第11章
玉颜欢能牢牢地守住御前一品女官的位置而不被诟病,辛苦之处远比旁人多出千百倍,因此她常常会对我说一些我在深宫里绝对无法学到其万分之一的道理。
她又开始扯典故了,问我说公主殿下,你听过什麽叫“情少利心多”吗?
我眉心微跳,有什麽真相宛如冰冷的蛇信子舔舐着我脆弱的脖颈,我又开始莫名其妙地慌张起来,我问她是否我长久以来看到的都是假象。我甚至都已经做好了破釜沉舟的准备,我等她说我说得对,然後再用最轻描淡写不过的言语为我字斟句酌出森然刀剑。
玉颜欢却笑了笑,平淡地站起身。
我擡头望她,她向我躬身微微行礼,劝我好好休憩,又让宫人揭下帘子,我僵坐在凳子上一言不发,头一次觉得公主的身份也没什麽大不了的。
所以那日我不知道被什麽蛊惑,踏着宫道上残破的斜阳跨过淑妃宫殿的门槛,夕照如血扑在我侧脸,我看到淑妃抱着她来之不易的那个小女孩温柔地站在廊下,婴儿闭着眼静好地熟睡,淑妃脸上的神情我从未见过,那一刻忮忌如野草在我心中疯长。
我湮没在无边的痛苦中。
我在一瞬间无师自通死的方式。我的手在抖,抖得如筛糠,我几百次望向被我掐成白得像鬼的指节,排演了一千次当我把双手放在一个人颈侧,一寸一寸扼死她的喉咙的情景,暮色比血还要红艳,我想一次,颈侧的蛇信子便凉三分。
我终于泪如雨下。
我哭得喘不过气来,我让淑妃也抱抱我,我一擡头便看到她满脸错愕,那震惊比厌恶或是其它情绪都让我觉得可怖,我哭到一半,泪停在半空,那一刻我所触及的一切都理所应当地死去,我抱头惊叫,几乎是狼狈地逃出淑妃宫殿。
宫道太宽太长,我一眼能望到尽头,却一眼望不到尽头,我跌跌撞撞,身後宫人也叠声惊叫,而我知道他们不过是怕我三长两短,他们便会丢了小命。
我狠狠地掐着我的脖颈,宫人扑上来求我松手,她们不晓得我是在椎心泣血地体会玉颜欢教我的那五个字,我孤独得只能同自己一遍一遍重复枯燥而深不见底的文字,我开始恨它们教会我品食孤独,反复拉长再拉长,团团将我勒得窒息。
我知道我的母亲早就死了,我根本不知道她是什麽样的面目,或刚毅或平和或冷鸷或淡然,那都和我无关。

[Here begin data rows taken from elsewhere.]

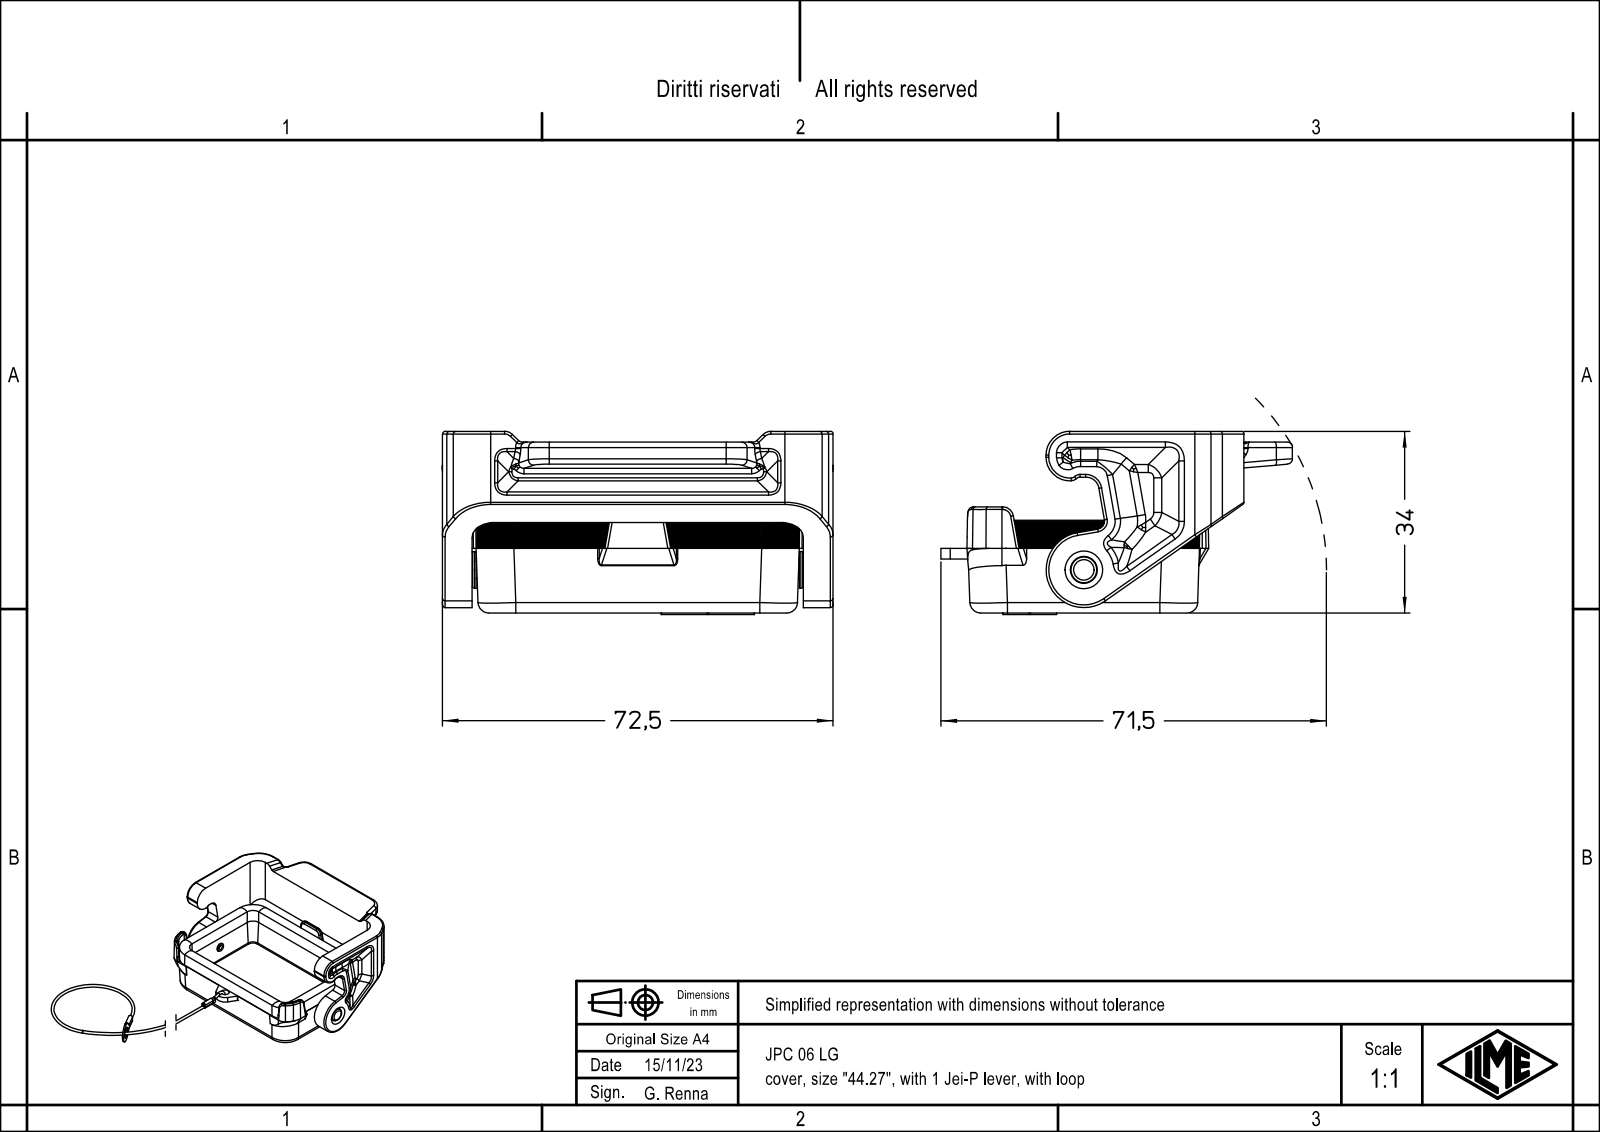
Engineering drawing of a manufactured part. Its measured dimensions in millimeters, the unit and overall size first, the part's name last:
Units: millimetres
Overall size (bounding box): 72.58 × 65.25 × 34
Round holes (diameter × count): ⌀3 ×1
Round bosses / shafts (diameter × count): ⌀6.8 ×1, ⌀4.8 ×1
Partial cylindrical surfaces — rounded edges, fillets, slot ends (radius × count): R0.5 ×29, R1 ×21, R2 ×21, R3 ×16, R0.33 ×15, R1.5 ×10, R7 ×9, R6 ×6
Main face-to-face distances: 2.5, 61.5, 31.7, 29.2, 4, 5.5, 67, 2, 33.7, 31.2
Volume: 30 190 mm³ · Surface area: 18 419 mm²
Bodies: 1 solid, 534 faces (139 planar, 169 cylindrical, 226 other)
Part name (STEP PRODUCT): JPC 06 LG
STEP written by: Creo Elements/Direct Modeling 20.1B 02-Apr-2019 (C) Parametric Technology GmbH (AUTOMOTIVE_DESIGN)

这麽多年我很少想起她,可是我总是会听旁人说起唯有母亲才会对自己的孩子倾注全部的爱,在此之前我不相信,可是淑妃的面容在我脑海中挥之不去,这让我感到动摇。
但我已经没有机会去感受了,这是我孤独的一大来源。
陆真燃上熏香,缓缓地将镂空的铜质炉盖覆上,我看到丝丝缕缕的轻烟缠绕他周身,帘栊外的浅光一寸寸下移,我无端觉得累极。

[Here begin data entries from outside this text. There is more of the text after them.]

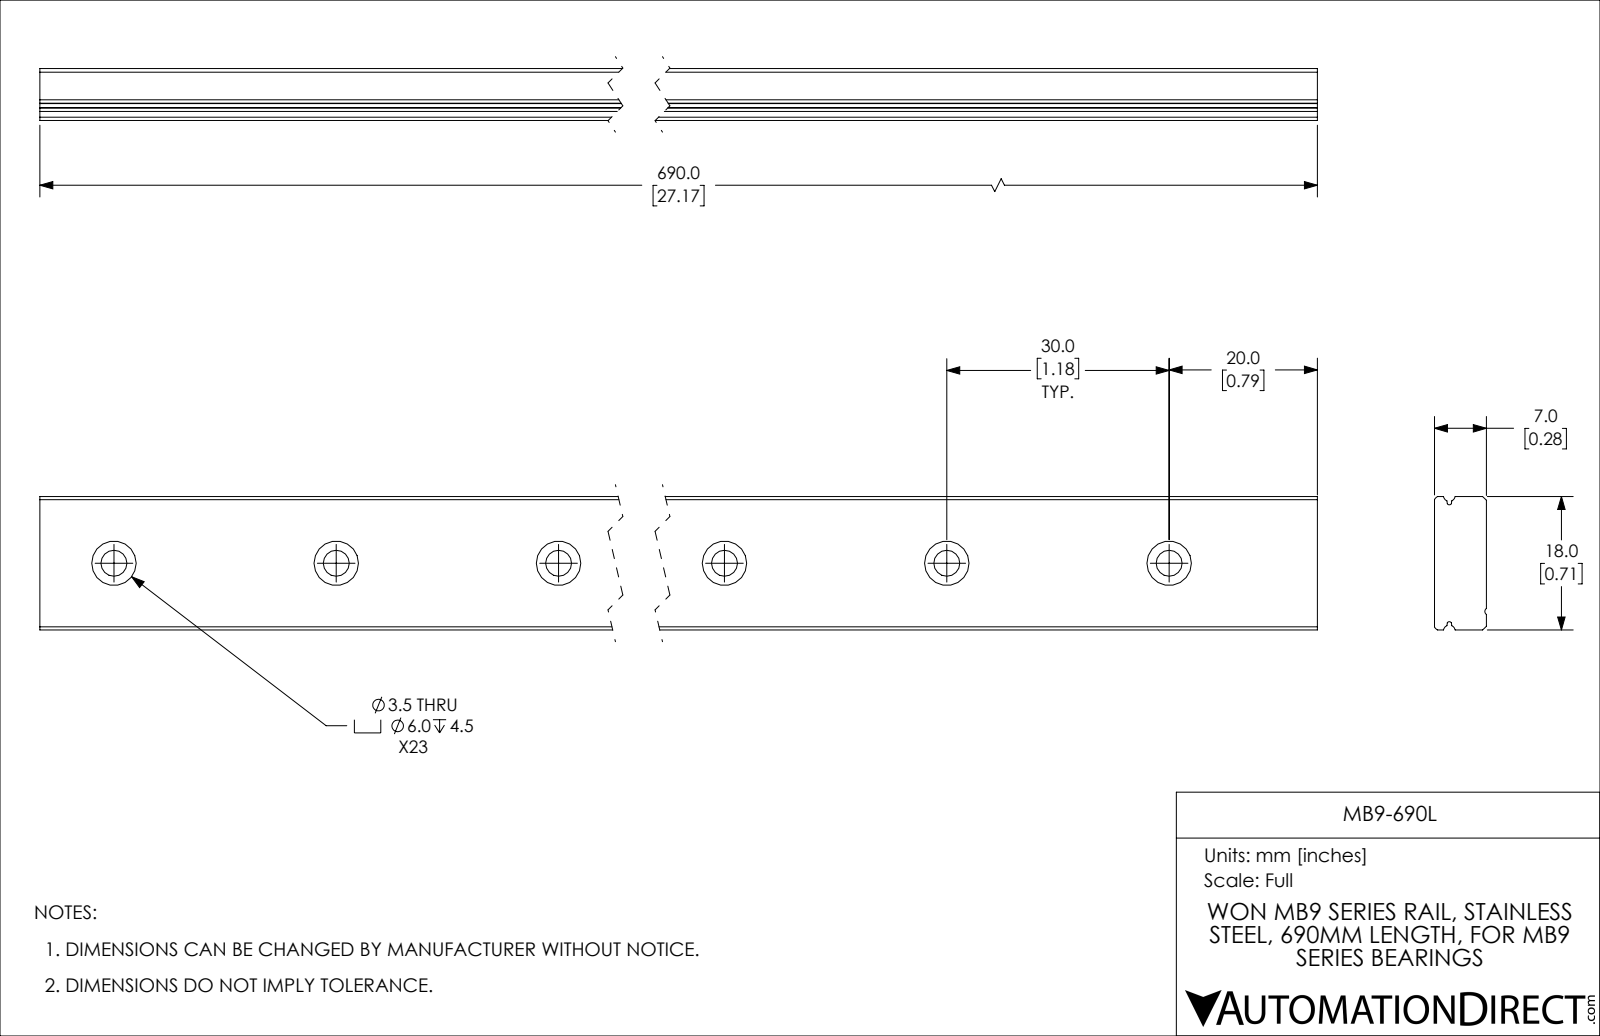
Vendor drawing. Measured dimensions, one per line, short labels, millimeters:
name: MB9-690L
written by: SolidWorks 2019 (CONFIG_CONTROL_DESIGN)
unit: mm
bodies: 1 solid, 140 faces (38 planar, 102 cylindrical, 0 other)
size: 690 × 18 × 7
volume: 81 698 mm³; area: 38 179 mm²
holes: 23× ⌀3.5, 23× ⌀6
rounds: 2× R0.32, 2× R0.8, 2× R0.95, 1× R0.5
face distances: 7, 18, 1.63, 2.5, 4.5, 690
hole spacings: 30, 60, 90, 120, 150, 180, 210, 240
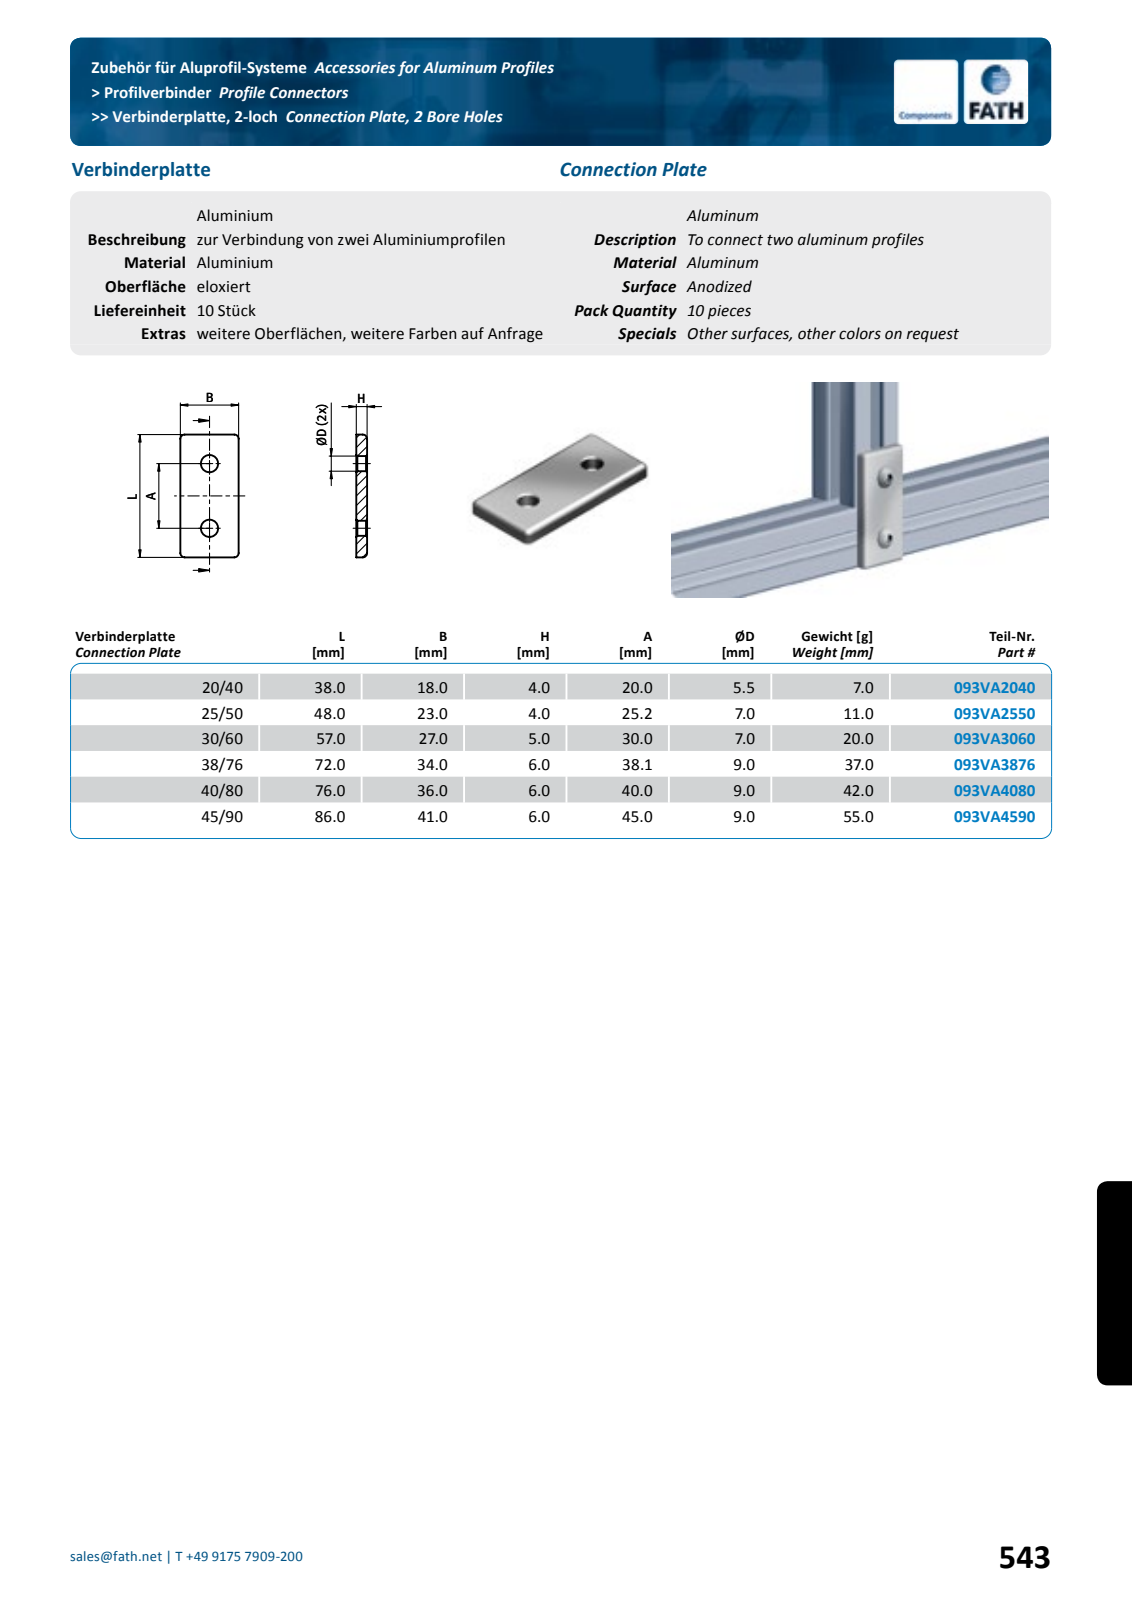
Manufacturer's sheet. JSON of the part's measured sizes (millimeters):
{"part_name": "fath_093va4590", "step_written_by": "Spatial InterOp 3D (automotive_design)", "units": "millimeters", "bodies": {"solids": 1, "faces": 30, "planar": 6, "cylindrical": 12, "other": 12}, "overall_size": [86, 41, 6], "volume_mm3": 20145, "surface_area_mm2": 8385, "round_holes": [[9, 2]], "partial_cylinders_radius": [[2, 8]], "face_to_face_distances": [6, 41, 86], "hole_center_spacings": [45]}

他听说了我莫名其妙的举动,问我公主殿下何必做无用之事。
我心中邪火燎原,冷冷地仰起头答道:那是你觉得无用,你不妨揣测一下我是怎麽想的。
他似乎是惊讶了一瞬,瞬息却遍寻不见。
臣不敢。他的语气倒是没什麽不敢的样子。
我继续刺他:难怪陆丞相做不来君子。
他比我想象得还要厚颜无耻得多,他焚香如君子,扭头便做小人,告诉我君子难当,因而他不愿做君子。我想到是一回事,他大言不惭地说是另一回事,我不想再和他理论,便揭过这个话题问他安国夫人近来如何。
陆真先叹息一句“公主到底还是有情有义之人”,我听着觉得刺耳,一错不错地盯着他等他继续说,可他沉默良久,久得我都忍不住问他我到底有情有义在哪儿,每一分想象都在鞭笞我,促使我反复思量孰对孰错。

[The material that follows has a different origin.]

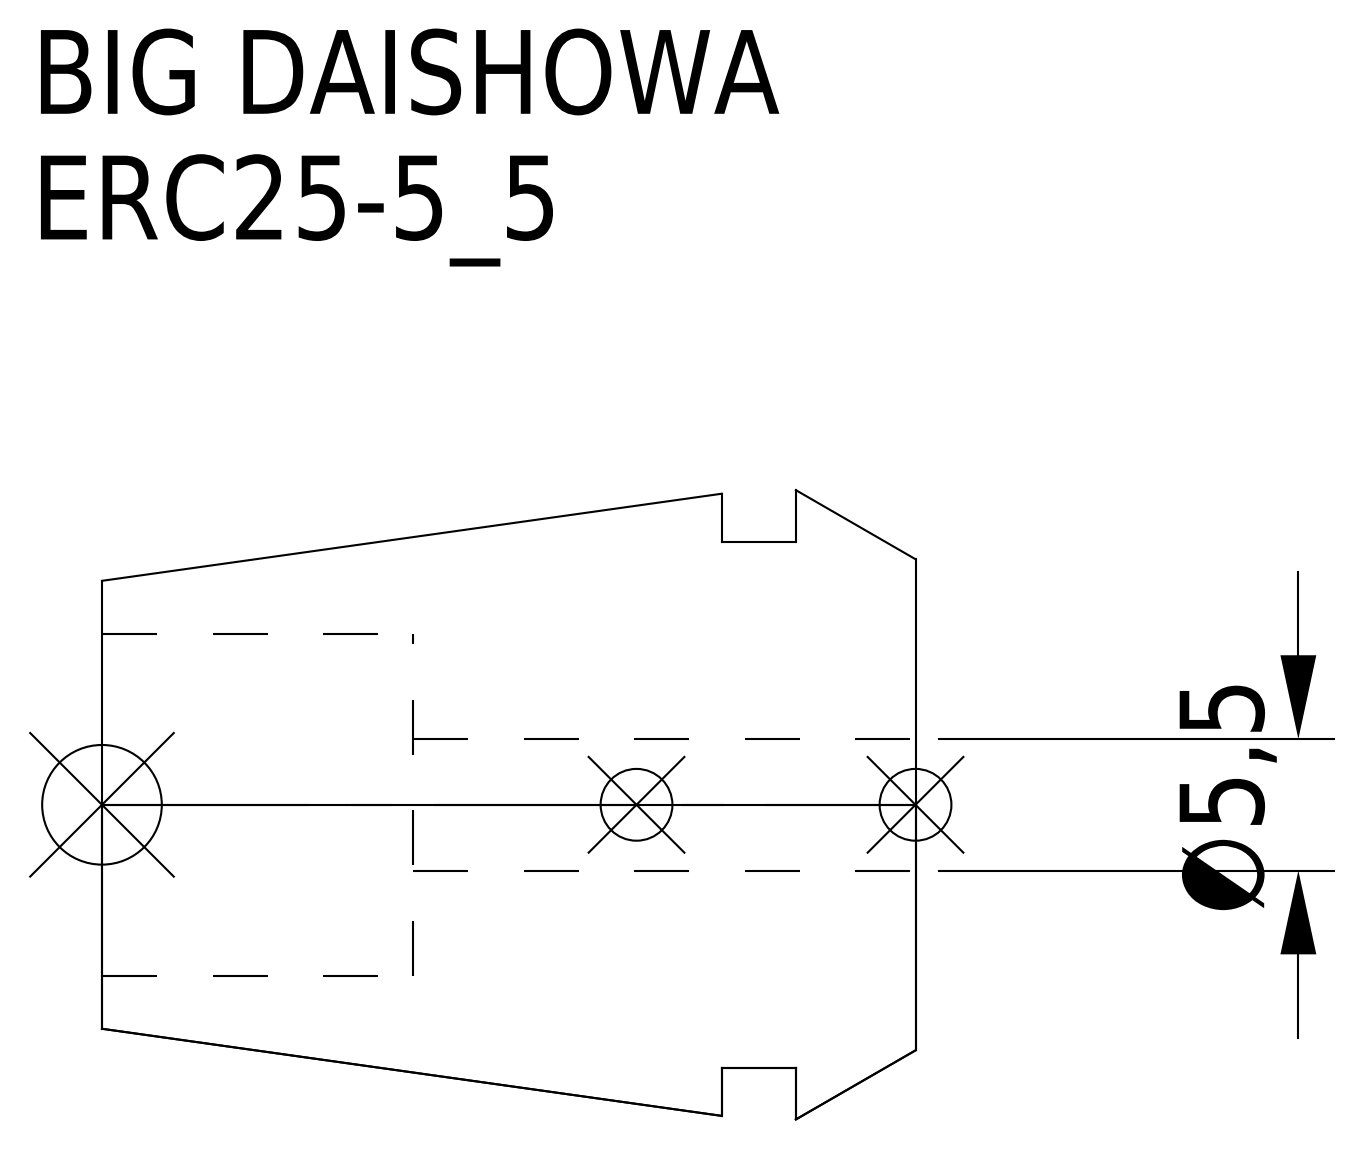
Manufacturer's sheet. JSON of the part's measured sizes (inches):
{"part_name": "ERC25-5_5", "step_written_by": "CREO PARAMETRIC BY PTC INC, 2016380 (AUTOMOTIVE_DESIGN)", "units": "inches", "bodies": {"solids": 1, "faces": 15, "planar": 5, "cylindrical": 6, "other": 4}, "overall_size": [1.339, 1.035, 1.035], "volume_in3": 0.672, "surface_area_in2": 6.659, "round_holes": [[0.217, 1], [0.563, 1]], "round_bosses_or_shafts": [[0.866, 1]], "face_to_face_distances": [0.197, 0.319, 0.122, 0.827, 0.63, 0.508, 1.339, 1.142, 1.02, 0.512]}

我过了那个难耐的日暮便开始深切後悔,我知道淑妃对上我纯属无妄之灾,因为我的想法真的九曲十八弯,她不可能想到当时我在试探一些无法啓齿的事,也不知道我其实真心想让她抱一抱我,我很邪恶地想从这个举动中透过她想象我的母亲。
陆真最後没回答,他走後我独自一人立在中庭,恨我不能一夜间便成人。我离及笄还有漫长的许多年,我天真烂漫地幻想开府,我不愿被囚在幽深的宫闱。
我总是有很多很多的可笑想法,我知道的。